Virtual colonoscopy is a novel, exciting, and sophisticated technique for imaging the colon and rectum.  Preliminary research results have been encouraging and will surely improve with advanced technology and experience of the operators.  When compared to conventional colonoscopy, virtual colonoscopy does not require sedation and is not accompanied with any risk of bowel perforation.  Furthermore, it seems that more patients are receptive to the idea of undergoing virtual colonoscopy when given a choice between virtual and conventional colonoscopy.   The notion of evaluating both the inner colonic lumen as well as extra-intestinal pathology makes virtual colonoscopy even more promising as a potential screening test for colorectal cancer.  However, despite its promise there continue to be some issues that currently affects its use as a general screening test.

Advances need to be made in improving CT data acquisition which would provide fewer image artifacts, better resolution and shorter scanning time.  The advent of scanners with greater resolution may increase accuracy in detecting small, flat adenomas, which have a high risk of being malignant when located in the right colon. Furthermore, with shorter scanning times more procedures could be performed making it a more appealing choice for a screening test. 

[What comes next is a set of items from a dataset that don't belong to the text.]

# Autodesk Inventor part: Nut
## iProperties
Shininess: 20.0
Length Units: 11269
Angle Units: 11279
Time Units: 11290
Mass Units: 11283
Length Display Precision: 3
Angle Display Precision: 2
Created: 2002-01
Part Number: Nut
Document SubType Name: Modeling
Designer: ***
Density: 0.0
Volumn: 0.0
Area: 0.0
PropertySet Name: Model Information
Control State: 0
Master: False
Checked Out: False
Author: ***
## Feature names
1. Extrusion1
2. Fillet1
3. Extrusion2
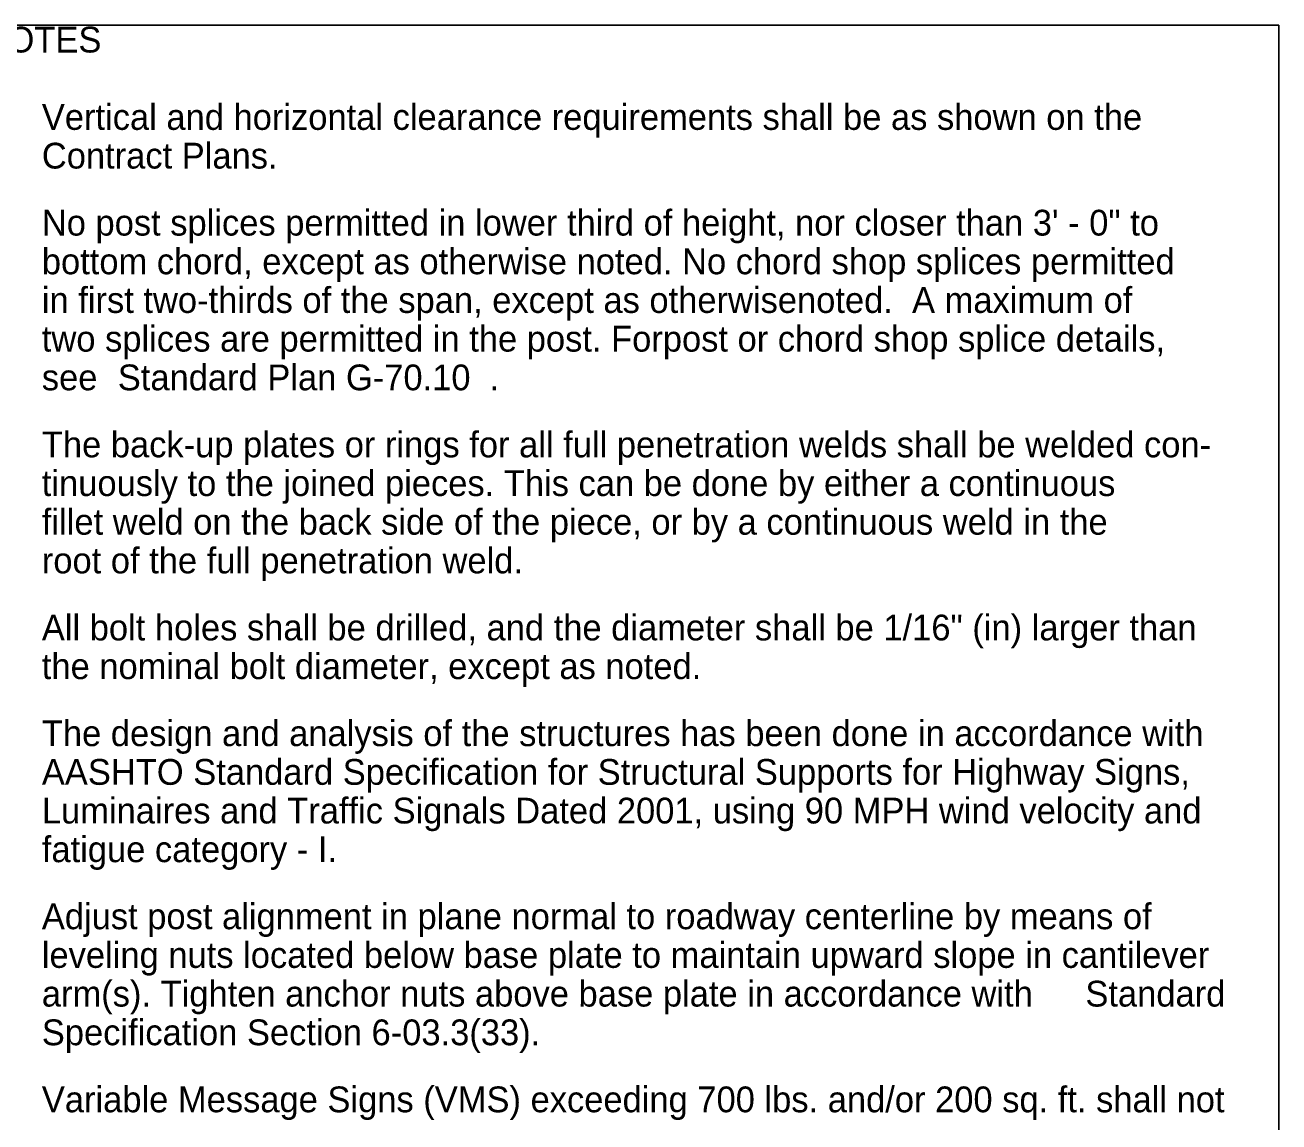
# Model space of a CAD drawing. Extents: x 99862 to 104211, y 98939 to 111076.
# Drawn here: x 102178 to 103150, y 101224 to 102075 of the extents above; entities that cross this region are included whole.
import ezdxf

# ---------------------------------------------------------------- set-up
doc = ezdxf.new("R2010")
doc.units = 0
doc.layers.add('Level 20', color=7, linetype='Continuous')
doc.layers.add('Level 60', color=7, linetype='Continuous')

msp = doc.modelspace()

# ---------------------------------------------------------------- linework, layer by layer
at = {"layer": 'Level 60'}
for p, q in [((103150, 102075), (100000, 102075)), ((103150, 100000), (103150, 102075))]:
    msp.add_line(p, q, dxfattribs=at)

# ---------------------------------------------------------------- texts
at = {"layer": 'Level 20'}
for s, p in [('NOTES', (102144.66, 102053.72)), ('Vertical and horizontal clearance requirements shall be as shown on the ', (102190.57, 101993.72)), ('Contract Plans.', (102190.57, 101963.72)), ('No post splices permitted in lower third of height, nor closer than 3\' - 0" to ', (102190.57, 101911.72)), ('bottom chord, except as otherwise noted. No chord shop splices permitted ', (102190.57, 101881.72)), ('in first two-thirds of the span, except as otherwisenoted.  A maximum of ', (102190.57, 101851.72)), ('two splices are permitted in the post. Forpost or chord shop splice details, ', (102190.57, 101821.72)), ('Standard Plan G-70.10', (102249.49, 101791.72)), ('see ', (102190.57, 101791.72)), ('.', (102537.85, 101791.72)), ('The back-up plates or rings for all full penetration welds shall be welded con-', (102190.57, 101739.72)), ('tinuously to the joined pieces. This can be done by either a continuous ', (102190.57, 101709.72)), ('fillet weld on the back side of the piece, or by a continuous weld in the ', (102190.57, 101679.72)), ('root of the full penetration weld.', (102190.57, 101649.72)), ('All bolt holes shall be drilled, and the diameter shall be 1/16" (in) larger than ', (102190.57, 101597.72)), ('the nominal bolt diameter, except as noted.', (102190.57, 101567.72)), ('The design and analysis of the structures has been done in accordance with ', (102190.57, 101515.72)), ('AASHTO Standard Specification for Structural Supports for Highway Signs, ', (102190.57, 101485.72)), ('Luminaires and Traffic Signals Dated 2001, using 90 MPH wind velocity and ', (102190.57, 101455.72)), ('fatigue category - I.', (102190.57, 101425.72)), ('Adjust post alignment in plane normal to roadway centerline by means of ', (102190.57, 101373.72)), ('leveling nuts located below base plate to maintain upward slope in cantilever ', (102190.57, 101343.72)), ('arm(s). Tighten anchor nuts above base plate in accordance with ', (102190.57, 101313.72)), ('Standard ', (102999.89, 101313.72)), ('Specification Section 6-03.3(33).', (102190.57, 101283.72)), ('Variable Message Signs (VMS) exceeding 700 lbs. and/or 200 sq. ft. shall not ', (102190.57, 101231.72))]:
    msp.add_text(s, height=20, dxfattribs=at).set_placement(p)

doc.saveas('drawing.dxf')

The concept of virtual colonoscopy is initially appealing to patients, but issues of bowel preparation as well as room air or carbon dioxide insufflation of the colon without sedation can make it as uncomfortable as undergoing conventional colonoscopy.  The possibility of “fecal tagging” with oral contrast agents may eventually obviate the need for bowel cleansing and could potentially reduce the false positive findings on virtual colonoscopy. However, colonic insufflation is imperative in obtaining good results.

Cost-analysis assessments of virtual colonoscopy for colorectal cancer screening will need to be investigated further.  Decision processes regarding the potential use of a screening test are complex and involve estimates of performance characteristics, cost, patient acceptability, compliance, availability, and long-term outcomes.  Increased compliance would decrease overall cost of colorectal cancer screening programs.  To be competitive, virtual colonoscopy would need to be at the same or slightly higher cost of barium enema and at a lower cost than conventional colonoscopy.   The challenge remains to implement virtual colonoscopy clinical trials in a purely screening population.

If virtual colonoscopy measures to be an accurate, reliable and cost-effective method for detecting adenomas and early carcinomas, it could potentially affect the general population’s participation in screening programs and could eventually be a useful adjunct as a first-line screening technique for colorectal cancer.